== Segment start ==

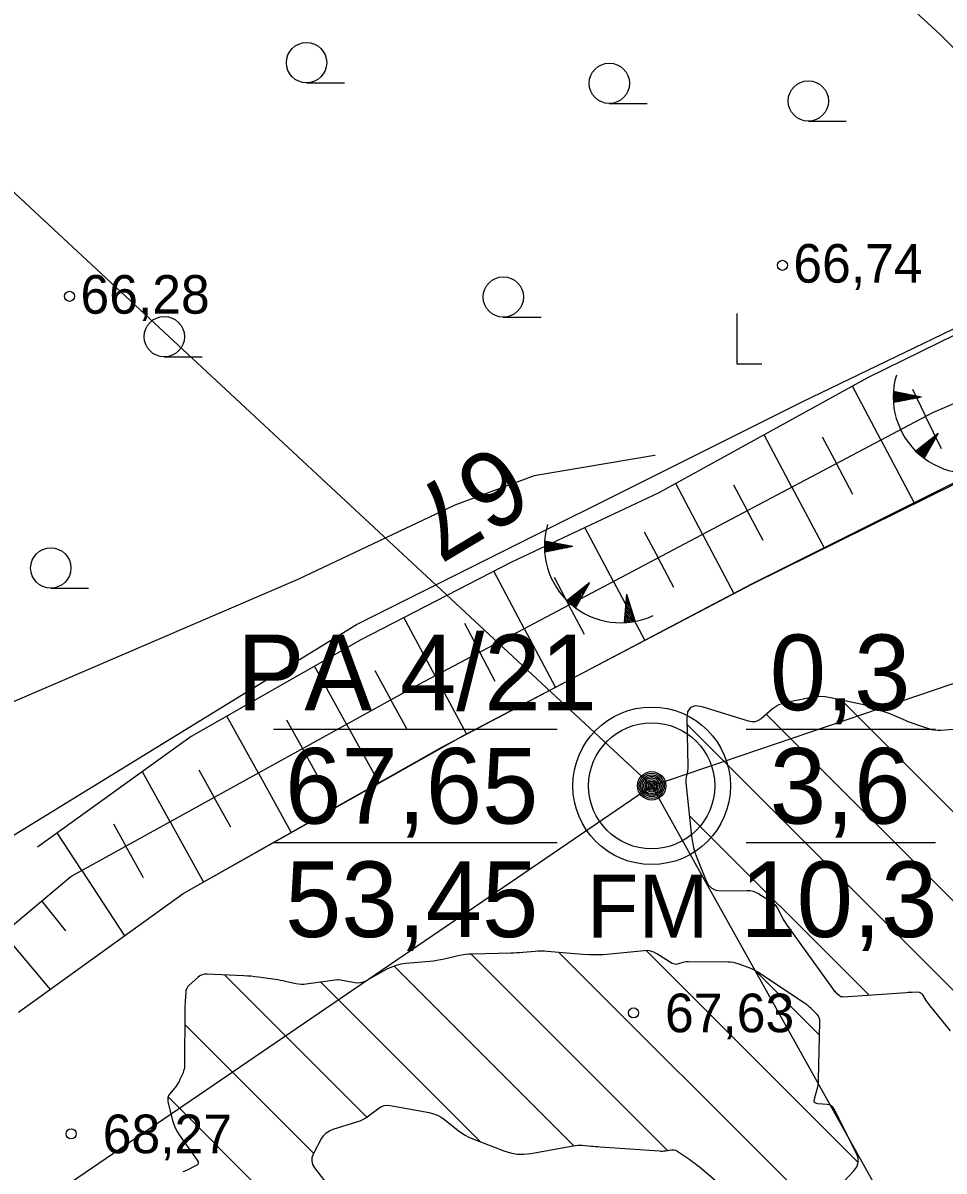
# Model space of a CAD drawing. Extents: x 532503 to 539665, y 6557663 to 6561526.
# Drawn here: x 535265.8 to 535324.2, y 6559863.4 to 6559936.3 of the extents above; entities that cross this region are included whole.
import ezdxf

# ---------------------------------------------------------------- set-up
doc = ezdxf.new("R2010")
doc.units = 0
for name, color, linetype in [('Default', 7, 'Continuous'), ('GEOLPUNKT', 7, 'Continuous'), ('HALJASTUS', 7, 'Continuous'), ('HORISONTAAL-EH2000', 7, 'Continuous'), ('Kaevandatud ala', 7, 'Continuous'), ('KORGUS-EH2000', 7, 'Continuous'), ('Lamami horisontaal_EH2000', 7, 'Continuous'), ('Lõige', 7, 'Continuous'), ('Proovid', 7, 'Continuous'), ('RELJEEF', 7, 'Continuous')]:
    doc.layers.add(name, color=color, linetype=linetype)

# ---------------------------------------------------------------- blocks, each defined once
blk = doc.blocks.new('RAIESM')
at = {"layer": 'Default'}
for points in [[(0, 2), (0, 0)], [(0, 0), (1, 0)]]:
    blk.add_lwpolyline(points, dxfattribs=at)
blk = doc.blocks.new('HARVIK')
at = {"layer": 'HALJASTUS'}
blk.add_line((0, -0.8), (1.5, -0.8), dxfattribs=at)
blk.add_circle((0, 0), 0.8, dxfattribs=at)

msp = doc.modelspace()

# ---------------------------------------------------------------- linework, layer by layer
at = {"layer": 'GEOLPUNKT'}
for p, q in [((535281.655, 6559891.451), (535299.655, 6559891.451)), ((535311.655, 6559891.451), (535323.655, 6559891.451)), ((535281.655, 6559884.251), (535299.655, 6559884.251)), ((535311.655, 6559884.251), (535323.655, 6559884.251))]:
    msp.add_line(p, q, dxfattribs=at)
for radius in [5, 4, 0.9, 0.801, 0.7, 0.6, 0.5, 0.4, 0.3, 0.2, 0.1]:
    msp.add_circle((535305.655, 6559887.851), radius, dxfattribs=at)
at = {"layer": 'HORISONTAAL-EH2000'}
msp.add_lwpolyline([(535305.885, 6559908.809), (535305.842, 6559908.814), (535298.198, 6559907.517), (535293.16, 6559905.657), (535283.197, 6559900.951), (535256.192, 6559889.327), (535239.185, 6559882.188), (535229.031, 6559879.316), (535223.831, 6559878.54), (535205.549, 6559877.823), (535200.022, 6559876.846), (535189.2, 6559873.548), (535161, 6559862.943), (535143.069, 6559857.274), (535133.961, 6559854.956), (535125.581, 6559853.165), (535108.623, 6559850.369), (535095.453, 6559849.117), (535088.898, 6559849.291), (535083.275, 6559850.063), (535072.085, 6559852.426), (535042.226, 6559857.773)], dxfattribs=at)
at = {"layer": 'Kaevandatud ala'}
for p, q in [((535317.672, 6559893.299), (535344.443, 6559866.528)), ((535312.923, 6559892.392), (535341.11, 6559864.204)), ((535307.887, 6559891.77), (535333.788, 6559865.87)), ((535308.045, 6559885.956), (535319.423, 6559874.578)), ((535294.203, 6559877.17), (535306.663, 6559864.711)), ((535299.755, 6559877.275), (535315.17, 6559861.861)), ((535305.297, 6559877.39), (535318.754, 6559863.933)), ((535289.313, 6559876.404), (535300.702, 6559865.014)), ((535312.237, 6559876.107), (535316.31, 6559872.034)), ((535278.552, 6559875.851), (535287.579, 6559866.824)), ((535284.667, 6559875.393), (535294.816, 6559865.244)), ((535276.035, 6559872.711), (535284.227, 6559864.519)), ((535274.978, 6559868.111), (535299.734, 6559843.355))]:
    msp.add_line(p, q, dxfattribs=at)
for points in [[(535325.558, 6559891.481), (535323.992, 6559891.37), (535323.797, 6559891.366), (535323.605, 6559891.38), (535323.415, 6559891.414), (535323.228, 6559891.466), (535322.483, 6559891.714), (535322.297, 6559891.778), (535322.113, 6559891.846), (535321.931, 6559891.918), (535321.75, 6559891.994), (535321.015, 6559892.312), (535320.832, 6559892.389), (535320.648, 6559892.462), (535320.462, 6559892.532), (535320.274, 6559892.598), (535319.495, 6559892.865), (535319.301, 6559892.928), (535319.106, 6559892.985), (535318.91, 6559893.036), (535318.711, 6559893.081), (535316.993, 6559893.442), (535316.659, 6559893.494), (535316.326, 6559893.511), (535315.992, 6559893.494), (535315.659, 6559893.44), (535314.113, 6559893.113), (535313.891, 6559893.052), (535313.682, 6559892.965), (535313.486, 6559892.853), (535313.302, 6559892.715), (535312.593, 6559892.112), (535312.41, 6559891.989), (535312.216, 6559891.92), (535312.01, 6559891.907), (535311.793, 6559891.948), (535308.867, 6559892.857), (535308.425, 6559892.928), (535308.113, 6559892.828), (535307.931, 6559892.555), (535307.879, 6559892.11), (535307.953, 6559889.102), (535307.953, 6559889.013), (535307.947, 6559888.926), (535307.935, 6559888.839), (535307.918, 6559888.752), (535307.838, 6559888.407), (535307.822, 6559888.321), (535307.813, 6559888.234), (535307.812, 6559888.146), (535307.818, 6559888.058), (535308.187, 6559884.647), (535308.238, 6559884.285), (535308.314, 6559883.928), (535308.415, 6559883.577), (535308.54, 6559883.233), (535309.106, 6559881.821), (535309.26, 6559881.543), (535309.469, 6559881.345), (535309.731, 6559881.228), (535310.048, 6559881.191), (535311.69, 6559881.209), (535311.894, 6559881.197), (535312.09, 6559881.156), (535312.278, 6559881.087), (535312.458, 6559880.989), (535313.257, 6559880.478), (535313.377, 6559880.389), (535313.483, 6559880.288), (535313.575, 6559880.174), (535313.651, 6559880.046), (535313.93, 6559879.509), (535314.002, 6559879.376), (535314.079, 6559879.246), (535314.16, 6559879.118), (535314.246, 6559878.994), (535317.121, 6559874.979), (535317.166, 6559874.92), (535317.214, 6559874.863), (535317.265, 6559874.809), (535317.319, 6559874.758), (535317.541, 6559874.558), (535317.599, 6559874.515), (535317.662, 6559874.485), (535317.729, 6559874.47), (535317.801, 6559874.468), (535321.818, 6559874.742), (535321.907, 6559874.747), (535321.997, 6559874.752), (535322.086, 6559874.755), (535322.176, 6559874.758), (535322.533, 6559874.766), (535322.617, 6559874.758), (535322.691, 6559874.731), (535322.754, 6559874.684), (535322.806, 6559874.618), (535323.049, 6559874.226), (535323.106, 6559874.136), (535323.167, 6559874.048), (535323.23, 6559873.962), (535323.296, 6559873.879), (535324.585, 6559872.29)], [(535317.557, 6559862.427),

== Segment end ==

INSTRUCTIONS TO FOLLOW — Count how many lines in the data above hold "HALJASTUS", and give that number by itself.

RESULT — 2